Diffusion of ionic tracers in the Callovo-Oxfordian clay-rock using the Donnan equilibrium model and the formation factor

The transient diffusion of cationic and anionic tracers through clay-rocks is usually modeled with parameters like porosity, tortuosity (and/or constrictivity), sorption coefficients, and anionic exclusion. Recently, a new pore scale model has been developed by Revil and Linde [Revil A. and Linde N. (2006) Chemico-electromechanical coupling in microporous media. J. Colloid Interface Sci.302, 682–694]. This model is based on a volume-averaging approach of the Nernst–Planck equation. The influence of the electrical diffuse layer is accounted for by a generalized Donnan equilibrium model through the whole connected pore space that is valid for a multicomponent electrolyte.

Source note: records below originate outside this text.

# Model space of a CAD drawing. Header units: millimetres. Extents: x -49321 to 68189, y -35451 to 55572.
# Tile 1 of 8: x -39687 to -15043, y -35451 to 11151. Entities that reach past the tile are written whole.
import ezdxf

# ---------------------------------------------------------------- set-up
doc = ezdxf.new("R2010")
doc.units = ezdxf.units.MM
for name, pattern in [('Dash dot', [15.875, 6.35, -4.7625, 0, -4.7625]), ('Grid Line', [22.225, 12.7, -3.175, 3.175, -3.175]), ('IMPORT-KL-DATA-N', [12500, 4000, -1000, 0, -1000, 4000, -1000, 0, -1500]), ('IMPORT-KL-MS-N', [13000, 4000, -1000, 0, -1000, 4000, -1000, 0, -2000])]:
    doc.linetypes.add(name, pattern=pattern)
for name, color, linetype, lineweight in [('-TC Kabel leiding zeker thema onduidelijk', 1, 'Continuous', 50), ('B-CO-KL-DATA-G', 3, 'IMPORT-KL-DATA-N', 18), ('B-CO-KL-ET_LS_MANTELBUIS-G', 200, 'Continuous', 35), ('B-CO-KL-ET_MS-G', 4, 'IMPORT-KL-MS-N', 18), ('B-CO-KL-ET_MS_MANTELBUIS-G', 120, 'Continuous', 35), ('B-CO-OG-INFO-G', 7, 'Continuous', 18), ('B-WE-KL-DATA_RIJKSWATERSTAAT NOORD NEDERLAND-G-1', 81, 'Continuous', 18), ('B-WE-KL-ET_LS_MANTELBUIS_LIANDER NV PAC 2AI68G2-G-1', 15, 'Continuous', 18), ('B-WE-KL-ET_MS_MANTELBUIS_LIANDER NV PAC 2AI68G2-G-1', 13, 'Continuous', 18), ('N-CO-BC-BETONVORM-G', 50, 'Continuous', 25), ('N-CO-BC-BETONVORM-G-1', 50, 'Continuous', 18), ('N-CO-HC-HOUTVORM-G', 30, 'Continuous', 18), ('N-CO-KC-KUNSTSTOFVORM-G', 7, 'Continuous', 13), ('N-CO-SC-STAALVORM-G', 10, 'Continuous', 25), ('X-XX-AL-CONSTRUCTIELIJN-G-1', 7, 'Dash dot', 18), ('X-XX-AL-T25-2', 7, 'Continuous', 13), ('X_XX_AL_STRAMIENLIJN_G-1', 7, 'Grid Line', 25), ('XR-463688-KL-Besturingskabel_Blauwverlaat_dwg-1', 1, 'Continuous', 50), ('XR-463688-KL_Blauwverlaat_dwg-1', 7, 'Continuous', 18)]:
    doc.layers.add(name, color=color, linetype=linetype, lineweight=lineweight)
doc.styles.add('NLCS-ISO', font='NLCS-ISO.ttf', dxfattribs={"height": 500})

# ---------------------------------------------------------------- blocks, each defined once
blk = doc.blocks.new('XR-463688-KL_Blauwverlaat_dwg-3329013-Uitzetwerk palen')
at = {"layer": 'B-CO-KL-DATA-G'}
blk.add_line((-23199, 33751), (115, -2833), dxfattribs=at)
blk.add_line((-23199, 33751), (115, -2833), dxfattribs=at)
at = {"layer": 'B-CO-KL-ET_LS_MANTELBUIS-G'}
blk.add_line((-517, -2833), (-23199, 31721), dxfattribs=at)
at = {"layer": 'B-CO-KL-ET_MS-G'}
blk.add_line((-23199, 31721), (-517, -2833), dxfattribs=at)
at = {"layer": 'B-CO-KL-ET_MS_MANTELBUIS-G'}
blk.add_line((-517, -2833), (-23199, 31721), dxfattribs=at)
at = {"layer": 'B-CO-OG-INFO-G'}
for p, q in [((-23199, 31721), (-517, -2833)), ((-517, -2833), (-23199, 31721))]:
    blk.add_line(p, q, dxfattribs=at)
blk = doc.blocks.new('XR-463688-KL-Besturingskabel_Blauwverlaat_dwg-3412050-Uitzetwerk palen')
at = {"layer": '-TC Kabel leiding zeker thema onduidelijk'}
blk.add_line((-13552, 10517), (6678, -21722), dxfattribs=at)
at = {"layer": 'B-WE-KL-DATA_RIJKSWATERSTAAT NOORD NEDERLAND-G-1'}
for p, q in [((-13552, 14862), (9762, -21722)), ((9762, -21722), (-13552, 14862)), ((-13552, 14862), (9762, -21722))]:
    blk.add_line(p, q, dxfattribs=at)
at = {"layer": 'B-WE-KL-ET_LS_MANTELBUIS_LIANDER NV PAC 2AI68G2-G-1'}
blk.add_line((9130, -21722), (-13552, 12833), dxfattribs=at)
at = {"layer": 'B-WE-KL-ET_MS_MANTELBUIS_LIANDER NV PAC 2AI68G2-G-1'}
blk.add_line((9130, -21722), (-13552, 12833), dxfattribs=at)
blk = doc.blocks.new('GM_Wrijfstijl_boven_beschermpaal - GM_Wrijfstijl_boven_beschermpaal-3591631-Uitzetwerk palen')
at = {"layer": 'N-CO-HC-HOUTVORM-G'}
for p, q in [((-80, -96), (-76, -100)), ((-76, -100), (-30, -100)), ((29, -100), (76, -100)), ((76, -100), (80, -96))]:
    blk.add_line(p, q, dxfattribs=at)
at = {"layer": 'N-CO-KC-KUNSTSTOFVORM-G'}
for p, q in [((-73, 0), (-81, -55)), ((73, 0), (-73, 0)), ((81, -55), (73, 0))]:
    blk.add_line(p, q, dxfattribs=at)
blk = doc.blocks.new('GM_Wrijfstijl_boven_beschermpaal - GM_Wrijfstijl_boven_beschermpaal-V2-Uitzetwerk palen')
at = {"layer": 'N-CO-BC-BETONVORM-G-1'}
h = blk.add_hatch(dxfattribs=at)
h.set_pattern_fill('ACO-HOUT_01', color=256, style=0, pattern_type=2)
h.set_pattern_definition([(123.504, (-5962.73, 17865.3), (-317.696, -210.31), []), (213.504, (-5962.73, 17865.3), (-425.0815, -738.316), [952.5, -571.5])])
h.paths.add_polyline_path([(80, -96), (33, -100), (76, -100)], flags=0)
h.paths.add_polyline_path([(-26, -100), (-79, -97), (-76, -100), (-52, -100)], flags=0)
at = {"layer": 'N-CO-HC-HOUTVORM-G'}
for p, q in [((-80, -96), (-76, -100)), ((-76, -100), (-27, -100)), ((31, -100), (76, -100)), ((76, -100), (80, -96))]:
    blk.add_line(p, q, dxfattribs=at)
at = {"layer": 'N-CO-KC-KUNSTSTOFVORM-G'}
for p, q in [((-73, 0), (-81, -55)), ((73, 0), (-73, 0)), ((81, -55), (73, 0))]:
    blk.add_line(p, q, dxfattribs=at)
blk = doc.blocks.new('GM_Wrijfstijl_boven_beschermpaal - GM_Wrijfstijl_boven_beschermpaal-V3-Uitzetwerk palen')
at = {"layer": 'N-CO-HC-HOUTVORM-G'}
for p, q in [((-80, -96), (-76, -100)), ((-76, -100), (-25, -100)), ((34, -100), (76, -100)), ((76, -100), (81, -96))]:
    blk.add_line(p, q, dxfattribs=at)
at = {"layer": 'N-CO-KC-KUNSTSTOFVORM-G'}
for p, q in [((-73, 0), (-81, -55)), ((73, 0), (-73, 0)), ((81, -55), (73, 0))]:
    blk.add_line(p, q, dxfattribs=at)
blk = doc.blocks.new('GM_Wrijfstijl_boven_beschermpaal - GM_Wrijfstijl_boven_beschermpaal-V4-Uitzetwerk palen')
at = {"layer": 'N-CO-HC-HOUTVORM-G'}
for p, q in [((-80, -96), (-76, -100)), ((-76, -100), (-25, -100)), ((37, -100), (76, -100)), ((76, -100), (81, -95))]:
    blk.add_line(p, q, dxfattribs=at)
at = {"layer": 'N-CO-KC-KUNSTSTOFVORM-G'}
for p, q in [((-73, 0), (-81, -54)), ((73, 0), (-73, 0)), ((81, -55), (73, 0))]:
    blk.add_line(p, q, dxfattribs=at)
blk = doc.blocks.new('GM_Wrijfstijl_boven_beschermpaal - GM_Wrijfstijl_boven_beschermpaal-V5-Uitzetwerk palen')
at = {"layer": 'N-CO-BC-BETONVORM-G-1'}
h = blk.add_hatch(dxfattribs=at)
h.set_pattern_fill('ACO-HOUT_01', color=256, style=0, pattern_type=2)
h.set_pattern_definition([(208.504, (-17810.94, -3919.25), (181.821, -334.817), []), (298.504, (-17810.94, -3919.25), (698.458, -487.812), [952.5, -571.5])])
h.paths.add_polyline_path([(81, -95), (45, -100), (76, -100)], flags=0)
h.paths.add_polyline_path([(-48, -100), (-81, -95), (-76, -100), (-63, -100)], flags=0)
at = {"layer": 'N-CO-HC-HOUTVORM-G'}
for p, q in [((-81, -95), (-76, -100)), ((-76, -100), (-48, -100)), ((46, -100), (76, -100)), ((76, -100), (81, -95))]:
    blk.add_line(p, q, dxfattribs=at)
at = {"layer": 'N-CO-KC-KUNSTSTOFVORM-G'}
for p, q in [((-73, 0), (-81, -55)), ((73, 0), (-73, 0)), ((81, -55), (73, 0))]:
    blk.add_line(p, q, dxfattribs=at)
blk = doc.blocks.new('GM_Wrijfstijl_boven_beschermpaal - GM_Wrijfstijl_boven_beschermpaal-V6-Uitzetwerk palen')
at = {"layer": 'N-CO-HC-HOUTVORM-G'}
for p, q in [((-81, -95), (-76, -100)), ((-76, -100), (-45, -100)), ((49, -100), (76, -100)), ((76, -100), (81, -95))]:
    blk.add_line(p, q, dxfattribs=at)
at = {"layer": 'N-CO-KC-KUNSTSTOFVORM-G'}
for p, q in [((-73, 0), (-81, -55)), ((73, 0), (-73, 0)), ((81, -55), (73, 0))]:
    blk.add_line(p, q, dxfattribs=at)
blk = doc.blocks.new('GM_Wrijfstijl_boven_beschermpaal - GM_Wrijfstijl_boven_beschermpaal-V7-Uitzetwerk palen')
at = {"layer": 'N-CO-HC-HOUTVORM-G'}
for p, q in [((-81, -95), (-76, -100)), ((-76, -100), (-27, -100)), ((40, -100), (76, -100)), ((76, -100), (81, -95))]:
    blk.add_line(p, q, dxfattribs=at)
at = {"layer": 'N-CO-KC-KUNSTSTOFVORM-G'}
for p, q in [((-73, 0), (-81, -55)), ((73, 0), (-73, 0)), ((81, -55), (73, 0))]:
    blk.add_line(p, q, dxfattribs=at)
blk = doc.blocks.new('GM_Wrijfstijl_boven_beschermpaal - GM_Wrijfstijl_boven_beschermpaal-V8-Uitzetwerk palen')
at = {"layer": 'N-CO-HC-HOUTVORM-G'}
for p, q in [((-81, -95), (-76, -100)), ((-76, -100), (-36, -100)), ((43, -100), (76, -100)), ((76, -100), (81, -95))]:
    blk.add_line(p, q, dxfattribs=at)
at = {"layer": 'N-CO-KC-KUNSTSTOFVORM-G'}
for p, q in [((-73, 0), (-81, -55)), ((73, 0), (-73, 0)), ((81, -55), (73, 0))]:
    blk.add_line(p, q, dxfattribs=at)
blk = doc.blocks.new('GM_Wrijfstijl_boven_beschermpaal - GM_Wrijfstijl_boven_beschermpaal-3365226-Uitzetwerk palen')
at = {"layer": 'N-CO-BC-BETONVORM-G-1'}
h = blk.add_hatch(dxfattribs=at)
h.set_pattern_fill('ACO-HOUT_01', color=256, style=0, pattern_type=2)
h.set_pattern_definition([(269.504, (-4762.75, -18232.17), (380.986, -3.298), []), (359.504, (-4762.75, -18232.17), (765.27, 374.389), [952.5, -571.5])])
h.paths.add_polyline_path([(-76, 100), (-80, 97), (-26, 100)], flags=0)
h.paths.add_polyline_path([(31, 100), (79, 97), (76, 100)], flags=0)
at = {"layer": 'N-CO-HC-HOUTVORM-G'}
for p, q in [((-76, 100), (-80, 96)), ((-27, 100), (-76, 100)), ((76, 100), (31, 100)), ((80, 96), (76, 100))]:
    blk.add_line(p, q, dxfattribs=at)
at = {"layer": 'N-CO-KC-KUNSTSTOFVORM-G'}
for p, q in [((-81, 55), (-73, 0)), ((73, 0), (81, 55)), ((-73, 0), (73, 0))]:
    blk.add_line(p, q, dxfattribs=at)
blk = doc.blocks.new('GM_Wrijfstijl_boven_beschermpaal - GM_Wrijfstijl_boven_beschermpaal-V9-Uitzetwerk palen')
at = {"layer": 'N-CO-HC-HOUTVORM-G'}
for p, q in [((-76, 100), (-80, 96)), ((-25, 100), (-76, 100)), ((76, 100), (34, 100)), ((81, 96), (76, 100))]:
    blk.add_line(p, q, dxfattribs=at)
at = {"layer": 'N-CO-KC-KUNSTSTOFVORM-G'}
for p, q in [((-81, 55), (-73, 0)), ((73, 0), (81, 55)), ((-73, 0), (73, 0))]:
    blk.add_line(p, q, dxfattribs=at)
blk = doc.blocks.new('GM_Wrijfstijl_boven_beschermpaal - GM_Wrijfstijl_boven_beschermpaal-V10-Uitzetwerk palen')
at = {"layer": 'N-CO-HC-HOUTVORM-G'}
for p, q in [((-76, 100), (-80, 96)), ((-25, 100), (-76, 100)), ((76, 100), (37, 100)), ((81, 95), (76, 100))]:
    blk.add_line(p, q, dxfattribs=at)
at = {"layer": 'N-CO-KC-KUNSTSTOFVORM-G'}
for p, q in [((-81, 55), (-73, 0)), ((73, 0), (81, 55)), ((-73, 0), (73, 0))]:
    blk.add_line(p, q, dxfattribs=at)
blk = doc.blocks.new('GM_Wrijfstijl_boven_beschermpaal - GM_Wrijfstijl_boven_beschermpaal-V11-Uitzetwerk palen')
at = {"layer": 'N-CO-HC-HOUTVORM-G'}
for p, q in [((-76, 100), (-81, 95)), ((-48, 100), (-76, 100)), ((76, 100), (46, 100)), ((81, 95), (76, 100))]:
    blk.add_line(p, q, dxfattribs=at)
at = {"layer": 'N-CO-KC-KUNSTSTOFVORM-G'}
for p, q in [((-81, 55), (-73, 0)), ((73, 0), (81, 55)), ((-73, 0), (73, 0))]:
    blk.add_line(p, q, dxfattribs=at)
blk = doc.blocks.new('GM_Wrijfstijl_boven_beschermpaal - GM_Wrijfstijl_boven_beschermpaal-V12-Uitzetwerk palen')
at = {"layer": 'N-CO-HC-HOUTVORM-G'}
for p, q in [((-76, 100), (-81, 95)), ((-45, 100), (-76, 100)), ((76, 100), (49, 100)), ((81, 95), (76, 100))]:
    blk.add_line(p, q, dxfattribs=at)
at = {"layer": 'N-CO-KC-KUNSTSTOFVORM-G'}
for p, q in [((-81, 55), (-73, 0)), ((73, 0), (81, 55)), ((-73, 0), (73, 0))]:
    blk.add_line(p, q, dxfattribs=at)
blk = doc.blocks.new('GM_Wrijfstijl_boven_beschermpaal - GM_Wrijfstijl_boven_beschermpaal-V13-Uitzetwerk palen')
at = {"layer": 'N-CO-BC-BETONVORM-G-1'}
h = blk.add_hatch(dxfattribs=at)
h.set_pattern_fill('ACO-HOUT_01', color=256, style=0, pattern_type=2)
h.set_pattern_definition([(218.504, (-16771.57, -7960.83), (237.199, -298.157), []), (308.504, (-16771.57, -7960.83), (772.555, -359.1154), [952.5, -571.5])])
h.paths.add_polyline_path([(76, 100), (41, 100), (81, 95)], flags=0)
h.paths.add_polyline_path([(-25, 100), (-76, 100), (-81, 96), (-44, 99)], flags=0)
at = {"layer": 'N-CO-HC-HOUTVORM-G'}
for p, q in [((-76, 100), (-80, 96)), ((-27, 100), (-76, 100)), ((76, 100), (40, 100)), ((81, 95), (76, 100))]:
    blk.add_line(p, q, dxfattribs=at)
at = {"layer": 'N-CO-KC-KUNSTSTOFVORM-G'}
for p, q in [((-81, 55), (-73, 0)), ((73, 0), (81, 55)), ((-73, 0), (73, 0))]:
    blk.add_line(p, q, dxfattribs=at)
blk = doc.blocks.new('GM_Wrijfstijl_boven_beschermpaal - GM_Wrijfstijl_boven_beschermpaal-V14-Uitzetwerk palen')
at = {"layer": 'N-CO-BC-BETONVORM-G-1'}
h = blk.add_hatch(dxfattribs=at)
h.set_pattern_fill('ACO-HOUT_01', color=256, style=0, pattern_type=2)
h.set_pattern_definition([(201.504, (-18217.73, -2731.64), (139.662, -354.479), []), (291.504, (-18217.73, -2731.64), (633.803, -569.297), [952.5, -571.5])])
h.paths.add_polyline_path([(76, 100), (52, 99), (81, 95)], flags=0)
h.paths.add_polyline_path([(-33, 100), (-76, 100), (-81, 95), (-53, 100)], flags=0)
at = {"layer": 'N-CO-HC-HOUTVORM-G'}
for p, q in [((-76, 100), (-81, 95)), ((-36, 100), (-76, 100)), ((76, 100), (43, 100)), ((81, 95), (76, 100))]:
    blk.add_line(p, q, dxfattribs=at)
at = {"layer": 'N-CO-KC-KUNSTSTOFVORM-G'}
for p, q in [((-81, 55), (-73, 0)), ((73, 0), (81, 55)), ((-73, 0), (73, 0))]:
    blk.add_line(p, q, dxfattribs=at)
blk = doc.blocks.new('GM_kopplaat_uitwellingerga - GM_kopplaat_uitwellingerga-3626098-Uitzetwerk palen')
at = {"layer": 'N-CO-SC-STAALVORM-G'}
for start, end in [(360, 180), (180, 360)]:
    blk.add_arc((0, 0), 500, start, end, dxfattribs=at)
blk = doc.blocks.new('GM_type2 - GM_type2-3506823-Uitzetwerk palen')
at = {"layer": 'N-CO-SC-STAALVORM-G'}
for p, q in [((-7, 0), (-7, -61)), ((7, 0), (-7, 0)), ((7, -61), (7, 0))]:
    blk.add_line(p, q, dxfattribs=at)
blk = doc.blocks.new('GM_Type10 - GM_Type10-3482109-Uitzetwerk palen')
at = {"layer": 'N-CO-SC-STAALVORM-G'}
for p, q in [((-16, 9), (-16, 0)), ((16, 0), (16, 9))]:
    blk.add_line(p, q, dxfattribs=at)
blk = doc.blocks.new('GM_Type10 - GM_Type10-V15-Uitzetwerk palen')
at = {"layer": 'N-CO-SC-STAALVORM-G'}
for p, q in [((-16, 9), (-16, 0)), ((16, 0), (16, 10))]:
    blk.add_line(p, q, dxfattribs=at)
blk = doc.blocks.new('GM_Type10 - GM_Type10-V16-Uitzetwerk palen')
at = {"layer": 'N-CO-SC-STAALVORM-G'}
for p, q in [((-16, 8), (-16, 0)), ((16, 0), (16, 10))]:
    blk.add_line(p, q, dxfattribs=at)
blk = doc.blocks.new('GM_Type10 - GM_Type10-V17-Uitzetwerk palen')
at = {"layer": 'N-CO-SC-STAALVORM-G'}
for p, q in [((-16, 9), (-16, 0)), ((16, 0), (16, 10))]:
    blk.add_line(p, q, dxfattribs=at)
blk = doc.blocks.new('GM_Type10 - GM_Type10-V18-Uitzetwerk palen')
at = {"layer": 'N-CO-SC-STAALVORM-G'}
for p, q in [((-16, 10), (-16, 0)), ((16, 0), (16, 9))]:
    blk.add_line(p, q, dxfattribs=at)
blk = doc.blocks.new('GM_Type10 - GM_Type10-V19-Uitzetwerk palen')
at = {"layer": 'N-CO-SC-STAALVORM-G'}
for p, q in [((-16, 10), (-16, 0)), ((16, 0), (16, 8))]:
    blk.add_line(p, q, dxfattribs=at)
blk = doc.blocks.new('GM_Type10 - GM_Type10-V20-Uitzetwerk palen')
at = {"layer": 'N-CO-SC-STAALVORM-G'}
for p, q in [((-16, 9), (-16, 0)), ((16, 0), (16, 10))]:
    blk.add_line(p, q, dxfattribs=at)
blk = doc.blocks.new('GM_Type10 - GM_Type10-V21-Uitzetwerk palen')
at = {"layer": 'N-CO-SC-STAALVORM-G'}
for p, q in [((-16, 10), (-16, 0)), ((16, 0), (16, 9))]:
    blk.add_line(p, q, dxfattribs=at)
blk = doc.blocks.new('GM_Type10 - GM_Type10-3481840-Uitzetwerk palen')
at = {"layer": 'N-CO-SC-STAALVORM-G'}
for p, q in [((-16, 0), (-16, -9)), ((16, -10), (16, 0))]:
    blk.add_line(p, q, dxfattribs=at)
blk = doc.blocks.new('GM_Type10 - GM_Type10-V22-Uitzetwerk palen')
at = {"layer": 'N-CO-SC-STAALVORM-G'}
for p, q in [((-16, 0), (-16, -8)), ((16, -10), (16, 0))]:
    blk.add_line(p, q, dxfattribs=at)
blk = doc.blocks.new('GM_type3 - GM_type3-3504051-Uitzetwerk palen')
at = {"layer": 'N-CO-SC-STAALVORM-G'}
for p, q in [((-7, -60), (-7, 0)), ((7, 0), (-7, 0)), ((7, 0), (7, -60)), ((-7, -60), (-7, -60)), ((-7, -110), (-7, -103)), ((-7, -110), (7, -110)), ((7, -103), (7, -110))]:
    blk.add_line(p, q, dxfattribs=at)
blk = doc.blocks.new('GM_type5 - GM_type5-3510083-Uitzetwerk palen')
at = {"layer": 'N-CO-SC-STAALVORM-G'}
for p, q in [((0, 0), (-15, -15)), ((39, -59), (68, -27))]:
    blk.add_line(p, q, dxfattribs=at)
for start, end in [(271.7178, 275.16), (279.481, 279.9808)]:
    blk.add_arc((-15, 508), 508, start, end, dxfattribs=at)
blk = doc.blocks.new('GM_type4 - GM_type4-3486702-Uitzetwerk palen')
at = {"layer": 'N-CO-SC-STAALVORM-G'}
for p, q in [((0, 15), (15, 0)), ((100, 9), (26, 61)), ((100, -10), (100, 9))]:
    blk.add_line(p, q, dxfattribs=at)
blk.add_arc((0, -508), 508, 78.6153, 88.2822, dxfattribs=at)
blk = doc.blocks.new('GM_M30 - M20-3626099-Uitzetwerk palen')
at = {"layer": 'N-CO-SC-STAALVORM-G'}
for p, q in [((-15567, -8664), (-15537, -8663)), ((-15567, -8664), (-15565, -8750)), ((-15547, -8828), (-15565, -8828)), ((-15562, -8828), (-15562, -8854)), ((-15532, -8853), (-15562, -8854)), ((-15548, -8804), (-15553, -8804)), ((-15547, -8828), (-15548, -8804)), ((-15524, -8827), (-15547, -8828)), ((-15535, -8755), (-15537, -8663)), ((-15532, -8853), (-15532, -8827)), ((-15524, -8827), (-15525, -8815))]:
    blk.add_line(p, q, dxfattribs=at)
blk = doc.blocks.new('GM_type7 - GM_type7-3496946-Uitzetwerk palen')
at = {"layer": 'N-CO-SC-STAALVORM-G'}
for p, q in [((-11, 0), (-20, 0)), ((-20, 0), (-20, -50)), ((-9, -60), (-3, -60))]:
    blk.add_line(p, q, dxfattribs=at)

This new model can be used to determine the composition of the pore water of the Callovo-Oxfordian clay-rock, the osmotic efficiency of bentonite as a function of salinity, the osmotic pressure, and the streaming potential coupling coefficient of clay-rocks. This pore scale model is used here to model the transient diffusion of ionic tracers (22Na+, 36Cl−, and 35SO42-) through the Callovo-Oxfordian clay-rock. Speciation of SO42- shows that ∼1/3 of the SO4 is tied-up in different complexes. Some of these complexes are neutral and are therefore only influence by the tortuosity of the pore space. Using experimental data from the literature, we show that all the parameters required to model the flux of ionic tracers (especially the mean electrical potential of the pore space and the formation factor) are in agreement with independent evaluations of these parameters using the osmotic pressure determined from in situ pressure measurements and HTO diffusion experiments.